Items from a dataset
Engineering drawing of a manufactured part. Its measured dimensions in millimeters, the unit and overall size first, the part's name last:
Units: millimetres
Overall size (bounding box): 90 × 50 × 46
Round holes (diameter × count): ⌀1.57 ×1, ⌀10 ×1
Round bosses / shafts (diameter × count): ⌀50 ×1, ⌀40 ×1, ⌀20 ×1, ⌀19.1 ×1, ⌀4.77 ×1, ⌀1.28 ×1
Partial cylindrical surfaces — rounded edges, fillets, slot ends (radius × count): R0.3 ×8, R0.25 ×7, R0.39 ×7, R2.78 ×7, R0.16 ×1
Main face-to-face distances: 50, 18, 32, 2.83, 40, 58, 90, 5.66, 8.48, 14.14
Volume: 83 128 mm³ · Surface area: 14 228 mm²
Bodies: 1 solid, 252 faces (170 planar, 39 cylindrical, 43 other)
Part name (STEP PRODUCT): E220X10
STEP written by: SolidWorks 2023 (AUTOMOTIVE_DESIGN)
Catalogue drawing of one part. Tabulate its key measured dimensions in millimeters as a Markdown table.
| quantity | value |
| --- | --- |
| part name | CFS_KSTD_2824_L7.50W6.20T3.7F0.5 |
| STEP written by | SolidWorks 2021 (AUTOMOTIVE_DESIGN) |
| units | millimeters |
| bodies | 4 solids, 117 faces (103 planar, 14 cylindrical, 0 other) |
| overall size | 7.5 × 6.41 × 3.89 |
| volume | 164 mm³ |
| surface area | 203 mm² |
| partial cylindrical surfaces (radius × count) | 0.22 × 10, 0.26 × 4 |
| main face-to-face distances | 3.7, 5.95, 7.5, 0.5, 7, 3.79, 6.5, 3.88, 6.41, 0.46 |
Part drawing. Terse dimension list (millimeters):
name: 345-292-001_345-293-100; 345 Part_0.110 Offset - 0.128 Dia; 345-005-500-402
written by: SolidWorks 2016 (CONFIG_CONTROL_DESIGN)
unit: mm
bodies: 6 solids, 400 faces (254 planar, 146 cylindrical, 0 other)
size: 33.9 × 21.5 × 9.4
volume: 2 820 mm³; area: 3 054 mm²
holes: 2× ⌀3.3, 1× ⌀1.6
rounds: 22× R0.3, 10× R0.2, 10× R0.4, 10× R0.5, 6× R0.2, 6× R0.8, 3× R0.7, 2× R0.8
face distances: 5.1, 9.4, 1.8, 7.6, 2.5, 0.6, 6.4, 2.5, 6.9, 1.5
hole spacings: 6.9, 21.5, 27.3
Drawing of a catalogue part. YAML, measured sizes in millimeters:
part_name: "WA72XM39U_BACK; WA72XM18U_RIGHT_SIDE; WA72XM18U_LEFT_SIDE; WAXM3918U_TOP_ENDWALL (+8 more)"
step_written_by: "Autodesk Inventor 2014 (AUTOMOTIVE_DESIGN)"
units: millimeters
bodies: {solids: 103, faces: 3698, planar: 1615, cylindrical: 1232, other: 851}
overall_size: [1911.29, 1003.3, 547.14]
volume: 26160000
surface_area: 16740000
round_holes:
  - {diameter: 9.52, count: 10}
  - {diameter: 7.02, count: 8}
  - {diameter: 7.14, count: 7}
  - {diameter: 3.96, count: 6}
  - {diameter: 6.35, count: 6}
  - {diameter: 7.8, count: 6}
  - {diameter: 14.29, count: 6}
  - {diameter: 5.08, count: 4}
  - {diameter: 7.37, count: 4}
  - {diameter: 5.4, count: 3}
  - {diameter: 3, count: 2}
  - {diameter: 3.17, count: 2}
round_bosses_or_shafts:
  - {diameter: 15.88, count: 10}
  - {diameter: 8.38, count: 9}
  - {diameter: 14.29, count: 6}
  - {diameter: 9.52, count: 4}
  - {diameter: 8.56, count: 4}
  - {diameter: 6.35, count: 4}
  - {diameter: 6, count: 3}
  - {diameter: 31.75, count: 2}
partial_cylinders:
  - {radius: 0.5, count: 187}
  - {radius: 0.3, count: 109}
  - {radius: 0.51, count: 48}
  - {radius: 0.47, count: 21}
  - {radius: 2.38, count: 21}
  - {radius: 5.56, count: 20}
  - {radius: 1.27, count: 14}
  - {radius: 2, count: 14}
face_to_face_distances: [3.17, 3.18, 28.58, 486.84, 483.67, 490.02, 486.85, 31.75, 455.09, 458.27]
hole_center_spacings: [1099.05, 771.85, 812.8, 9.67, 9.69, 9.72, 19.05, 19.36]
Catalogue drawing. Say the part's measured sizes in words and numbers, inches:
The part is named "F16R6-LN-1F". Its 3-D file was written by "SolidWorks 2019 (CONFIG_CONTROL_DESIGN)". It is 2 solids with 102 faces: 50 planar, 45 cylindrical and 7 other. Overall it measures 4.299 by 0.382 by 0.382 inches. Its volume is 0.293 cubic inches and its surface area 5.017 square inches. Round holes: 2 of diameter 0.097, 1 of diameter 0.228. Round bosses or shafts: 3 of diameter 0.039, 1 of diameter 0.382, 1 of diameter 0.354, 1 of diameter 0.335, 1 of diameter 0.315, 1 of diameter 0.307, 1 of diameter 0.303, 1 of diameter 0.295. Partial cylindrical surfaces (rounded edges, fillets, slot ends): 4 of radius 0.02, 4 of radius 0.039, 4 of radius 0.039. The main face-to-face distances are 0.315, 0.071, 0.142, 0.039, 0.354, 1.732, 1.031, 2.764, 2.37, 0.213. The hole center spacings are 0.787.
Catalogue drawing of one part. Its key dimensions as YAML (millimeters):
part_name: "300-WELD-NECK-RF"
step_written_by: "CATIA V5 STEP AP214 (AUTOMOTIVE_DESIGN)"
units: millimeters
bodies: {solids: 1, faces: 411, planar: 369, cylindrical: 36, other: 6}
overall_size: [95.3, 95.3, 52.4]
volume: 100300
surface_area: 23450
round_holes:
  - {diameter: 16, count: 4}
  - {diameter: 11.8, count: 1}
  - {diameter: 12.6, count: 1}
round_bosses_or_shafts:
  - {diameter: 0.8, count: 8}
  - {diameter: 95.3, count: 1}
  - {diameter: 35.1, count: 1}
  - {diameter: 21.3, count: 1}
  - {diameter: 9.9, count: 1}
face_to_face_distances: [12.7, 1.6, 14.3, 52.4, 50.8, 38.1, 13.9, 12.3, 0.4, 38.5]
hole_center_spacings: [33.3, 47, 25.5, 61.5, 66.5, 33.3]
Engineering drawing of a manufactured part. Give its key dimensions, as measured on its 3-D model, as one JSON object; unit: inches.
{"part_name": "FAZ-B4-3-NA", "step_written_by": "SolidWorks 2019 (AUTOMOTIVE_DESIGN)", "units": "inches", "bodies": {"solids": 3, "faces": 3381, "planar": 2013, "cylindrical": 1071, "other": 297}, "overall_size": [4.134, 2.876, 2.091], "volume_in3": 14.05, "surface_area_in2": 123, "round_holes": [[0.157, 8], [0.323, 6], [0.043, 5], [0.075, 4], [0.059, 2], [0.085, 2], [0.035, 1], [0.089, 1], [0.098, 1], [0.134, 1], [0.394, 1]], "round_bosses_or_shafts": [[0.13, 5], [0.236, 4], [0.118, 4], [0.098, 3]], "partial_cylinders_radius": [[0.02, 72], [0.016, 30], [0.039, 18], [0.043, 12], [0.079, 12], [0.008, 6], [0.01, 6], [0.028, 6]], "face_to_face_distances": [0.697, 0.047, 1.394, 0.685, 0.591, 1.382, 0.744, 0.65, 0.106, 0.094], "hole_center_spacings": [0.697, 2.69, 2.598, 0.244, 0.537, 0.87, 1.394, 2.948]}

| Directions |
Restate the data above word for word, please.

| Response to the task |
Engineering drawing of a manufactured part. Its measured dimensions in millimeters, the unit and overall size first, the part's name last:
Units: millimetres
Overall size (bounding box): 90 × 50 × 46
Round holes (diameter × count): ⌀1.57 ×1, ⌀10 ×1
Round bosses / shafts (diameter × count): ⌀50 ×1, ⌀40 ×1, ⌀20 ×1, ⌀19.1 ×1, ⌀4.77 ×1, ⌀1.28 ×1
Partial cylindrical surfaces — rounded edges, fillets, slot ends (radius × count): R0.3 ×8, R0.25 ×7, R0.39 ×7, R2.78 ×7, R0.16 ×1
Main face-to-face distances: 50, 18, 32, 2.83, 40, 58, 90, 5.66, 8.48, 14.14
Volume: 83 128 mm³ · Surface area: 14 228 mm²
Bodies: 1 solid, 252 faces (170 planar, 39 cylindrical, 43 other)
Part name (STEP PRODUCT): E220X10
STEP written by: SolidWorks 2023 (AUTOMOTIVE_DESIGN)
Catalogue drawing of one part. Tabulate its key measured dimensions in millimeters as a Markdown table.
| quantity | value |
| --- | --- |
| part name | CFS_KSTD_2824_L7.50W6.20T3.7F0.5 |
| STEP written by | SolidWorks 2021 (AUTOMOTIVE_DESIGN) |
| units | millimeters |
| bodies | 4 solids, 117 faces (103 planar, 14 cylindrical, 0 other) |
| overall size | 7.5 × 6.41 × 3.89 |
| volume | 164 mm³ |
| surface area | 203 mm² |
| partial cylindrical surfaces (radius × count) | 0.22 × 10, 0.26 × 4 |
| main face-to-face distances | 3.7, 5.95, 7.5, 0.5, 7, 3.79, 6.5, 3.88, 6.41, 0.46 |
Part drawing. Terse dimension list (millimeters):
name: 345-292-001_345-293-100; 345 Part_0.110 Offset - 0.128 Dia; 345-005-500-402
written by: SolidWorks 2016 (CONFIG_CONTROL_DESIGN)
unit: mm
bodies: 6 solids, 400 faces (254 planar, 146 cylindrical, 0 other)
size: 33.9 × 21.5 × 9.4
volume: 2 820 mm³; area: 3 054 mm²
holes: 2× ⌀3.3, 1× ⌀1.6
rounds: 22× R0.3, 10× R0.2, 10× R0.4, 10× R0.5, 6× R0.2, 6× R0.8, 3× R0.7, 2× R0.8
face distances: 5.1, 9.4, 1.8, 7.6, 2.5, 0.6, 6.4, 2.5, 6.9, 1.5
hole spacings: 6.9, 21.5, 27.3
Drawing of a catalogue part. YAML, measured sizes in millimeters:
part_name: "WA72XM39U_BACK; WA72XM18U_RIGHT_SIDE; WA72XM18U_LEFT_SIDE; WAXM3918U_TOP_ENDWALL (+8 more)"
step_written_by: "Autodesk Inventor 2014 (AUTOMOTIVE_DESIGN)"
units: millimeters
bodies: {solids: 103, faces: 3698, planar: 1615, cylindrical: 1232, other: 851}
overall_size: [1911.29, 1003.3, 547.14]
volume: 26160000
surface_area: 16740000
round_holes:
  - {diameter: 9.52, count: 10}
  - {diameter: 7.02, count: 8}
  - {diameter: 7.14, count: 7}
  - {diameter: 3.96, count: 6}
  - {diameter: 6.35, count: 6}
  - {diameter: 7.8, count: 6}
  - {diameter: 14.29, count: 6}
  - {diameter: 5.08, count: 4}
  - {diameter: 7.37, count: 4}
  - {diameter: 5.4, count: 3}
  - {diameter: 3, count: 2}
  - {diameter: 3.17, count: 2}
round_bosses_or_shafts:
  - {diameter: 15.88, count: 10}
  - {diameter: 8.38, count: 9}
  - {diameter: 14.29, count: 6}
  - {diameter: 9.52, count: 4}
  - {diameter: 8.56, count: 4}
  - {diameter: 6.35, count: 4}
  - {diameter: 6, count: 3}
  - {diameter: 31.75, count: 2}
partial_cylinders:
  - {radius: 0.5, count: 187}
  - {radius: 0.3, count: 109}
  - {radius: 0.51, count: 48}
  - {radius: 0.47, count: 21}
  - {radius: 2.38, count: 21}
  - {radius: 5.56, count: 20}
  - {radius: 1.27, count: 14}
  - {radius: 2, count: 14}
face_to_face_distances: [3.17, 3.18, 28.58, 486.84, 483.67, 490.02, 486.85, 31.75, 455.09, 458.27]
hole_center_spacings: [1099.05, 771.85, 812.8, 9.67, 9.69, 9.72, 19.05, 19.36]
Catalogue drawing. Say the part's measured sizes in words and numbers, inches:
The part is named "F16R6-LN-1F". Its 3-D file was written by "SolidWorks 2019 (CONFIG_CONTROL_DESIGN)". It is 2 solids with 102 faces: 50 planar, 45 cylindrical and 7 other. Overall it measures 4.299 by 0.382 by 0.382 inches. Its volume is 0.293 cubic inches and its surface area 5.017 square inches. Round holes: 2 of diameter 0.097, 1 of diameter 0.228. Round bosses or shafts: 3 of diameter 0.039, 1 of diameter 0.382, 1 of diameter 0.354, 1 of diameter 0.335, 1 of diameter 0.315, 1 of diameter 0.307, 1 of diameter 0.303, 1 of diameter 0.295. Partial cylindrical surfaces (rounded edges, fillets, slot ends): 4 of radius 0.02, 4 of radius 0.039, 4 of radius 0.039. The main face-to-face distances are 0.315, 0.071, 0.142, 0.039, 0.354, 1.732, 1.031, 2.764, 2.37, 0.213. The hole center spacings are 0.787.
Catalogue drawing of one part. Its key dimensions as YAML (millimeters):
part_name: "300-WELD-NECK-RF"
step_written_by: "CATIA V5 STEP AP214 (AUTOMOTIVE_DESIGN)"
units: millimeters
bodies: {solids: 1, faces: 411, planar: 369, cylindrical: 36, other: 6}
overall_size: [95.3, 95.3, 52.4]
volume: 100300
surface_area: 23450
round_holes:
  - {diameter: 16, count: 4}
  - {diameter: 11.8, count: 1}
  - {diameter: 12.6, count: 1}
round_bosses_or_shafts:
  - {diameter: 0.8, count: 8}
  - {diameter: 95.3, count: 1}
  - {diameter: 35.1, count: 1}
  - {diameter: 21.3, count: 1}
  - {diameter: 9.9, count: 1}
face_to_face_distances: [12.7, 1.6, 14.3, 52.4, 50.8, 38.1, 13.9, 12.3, 0.4, 38.5]
hole_center_spacings: [33.3, 47, 25.5, 61.5, 66.5, 33.3]
Engineering drawing of a manufactured part. Give its key dimensions, as measured on its 3-D model, as one JSON object; unit: inches.
{"part_name": "FAZ-B4-3-NA", "step_written_by": "SolidWorks 2019 (AUTOMOTIVE_DESIGN)", "units": "inches", "bodies": {"solids": 3, "faces": 3381, "planar": 2013, "cylindrical": 1071, "other": 297}, "overall_size": [4.134, 2.876, 2.091], "volume_in3": 14.05, "surface_area_in2": 123, "round_holes": [[0.157, 8], [0.323, 6], [0.043, 5], [0.075, 4], [0.059, 2], [0.085, 2], [0.035, 1], [0.089, 1], [0.098, 1], [0.134, 1], [0.394, 1]], "round_bosses_or_shafts": [[0.13, 5], [0.236, 4], [0.118, 4], [0.098, 3]], "partial_cylinders_radius": [[0.02, 72], [0.016, 30], [0.039, 18], [0.043, 12], [0.079, 12], [0.008, 6], [0.01, 6], [0.028, 6]], "face_to_face_distances": [0.697, 0.047, 1.394, 0.685, 0.591, 1.382, 0.744, 0.65, 0.106, 0.094], "hole_center_spacings": [0.697, 2.69, 2.598, 0.244, 0.537, 0.87, 1.394, 2.948]}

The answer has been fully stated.